In order to run compile
on a set of user specified data
entries, the user must create a local folder whose path is specified
with dataset_directory
. This folder must only
contain the entries to be compiled in .xlsx format. If other files
types exist in the directory, compile
will fail. (note:
entries cannot be open in Excel)
compiled <- compile(dataset_directory = "~/Directory/to/data/", write_report = T,
write_out = T, return = "list")
The parameter return
determines format of the object
that is returned and should be set to “list” unless the user prefers a
flattend version of the database formatted as a single data.frame.
When set to “TRUE”, the parameter write_out
will trigger
the creation of several output files:
Description | Location | File name |
---|---|---|
Report files that identify issues with the files in the dataset_directory | dataset_directory/QAQC | QAQC_*.txt (* corresponds to dataset file names) |
Flattened database file | dataset_directory/database | ISRaD_flat.csv |
List structured database file in the same format as template | dataset_directory/database | ISRaD_list.xlsx |
Log file generated by compile function. Most importantly, tells you which files passed QAQC. | dataset_directory/database | ISRaD_log.txt |
Summary statistics for datasets compiled into database | dataset_directory/database | ISRaD_summary.csv |
QAQC check on compiled database. | dataset_directory/database | QAQC_ISRaD_list.txt |
Merging a user compiled list with ISRaD_data
The function mapply
can be used to merge the user
compiled list with ISRaD_data
as follows:
#set extra = F to only get ISRaD_data (templates as they have been entered)
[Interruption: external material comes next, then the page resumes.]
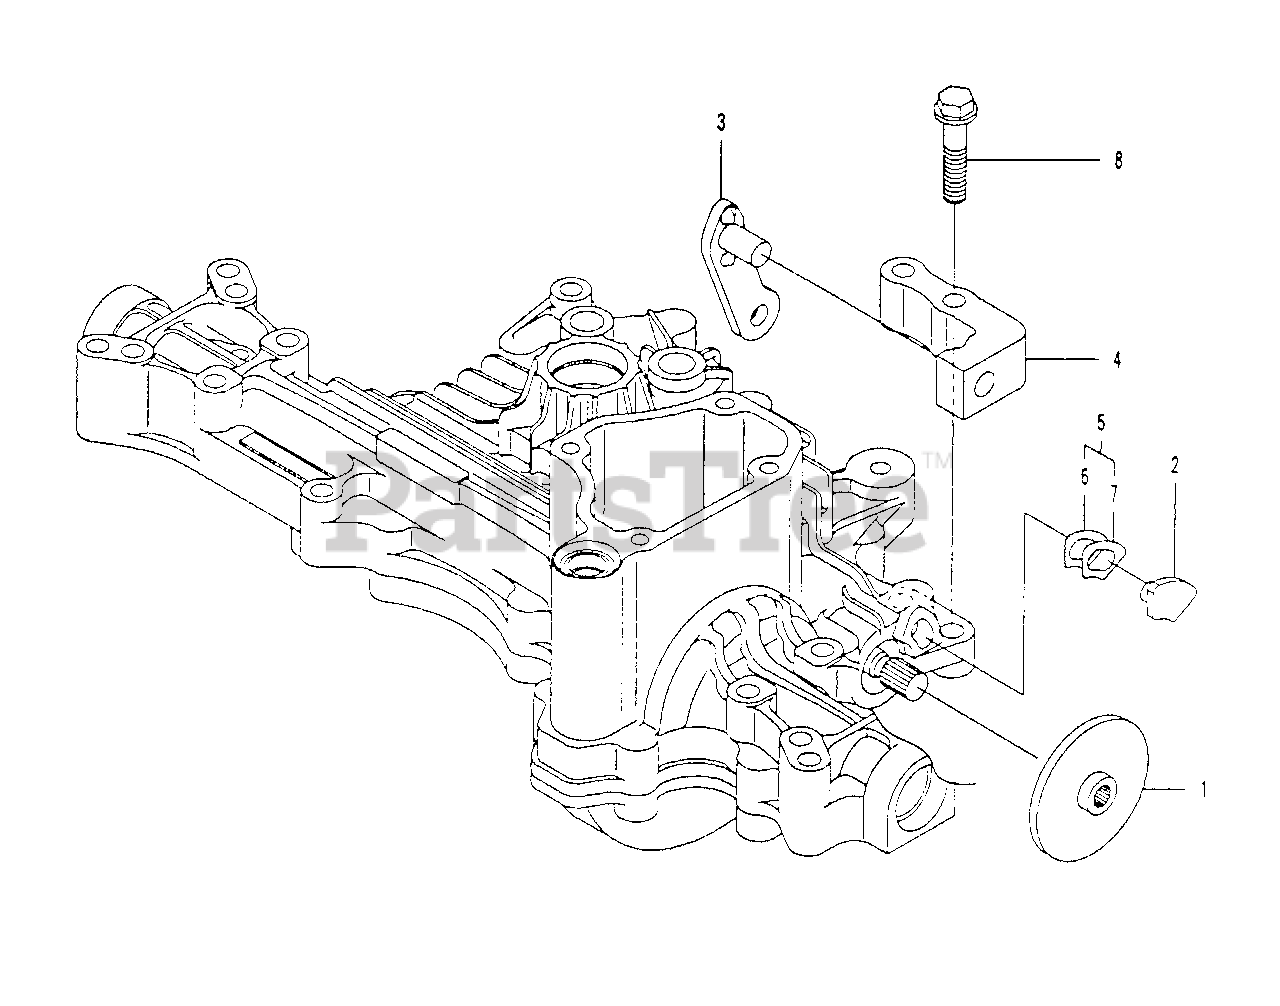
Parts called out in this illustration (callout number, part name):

ISRaD_data <- ISRaD.getdata(directory = mydir, dataset = "full", extra = F, force_download = T)
# or alternatively:
load("C:/Users/YourPathHere/ISRaD_data_v 2.6.6.2024-01-25.rda") #Loads ISRaD_data
merged_data <- mapply(rbind, ISRaD_data, compiled, SIMPLIFY = FALSE)
Have fun exploring the global repository of all things soil radiocarbon (ISRaD)!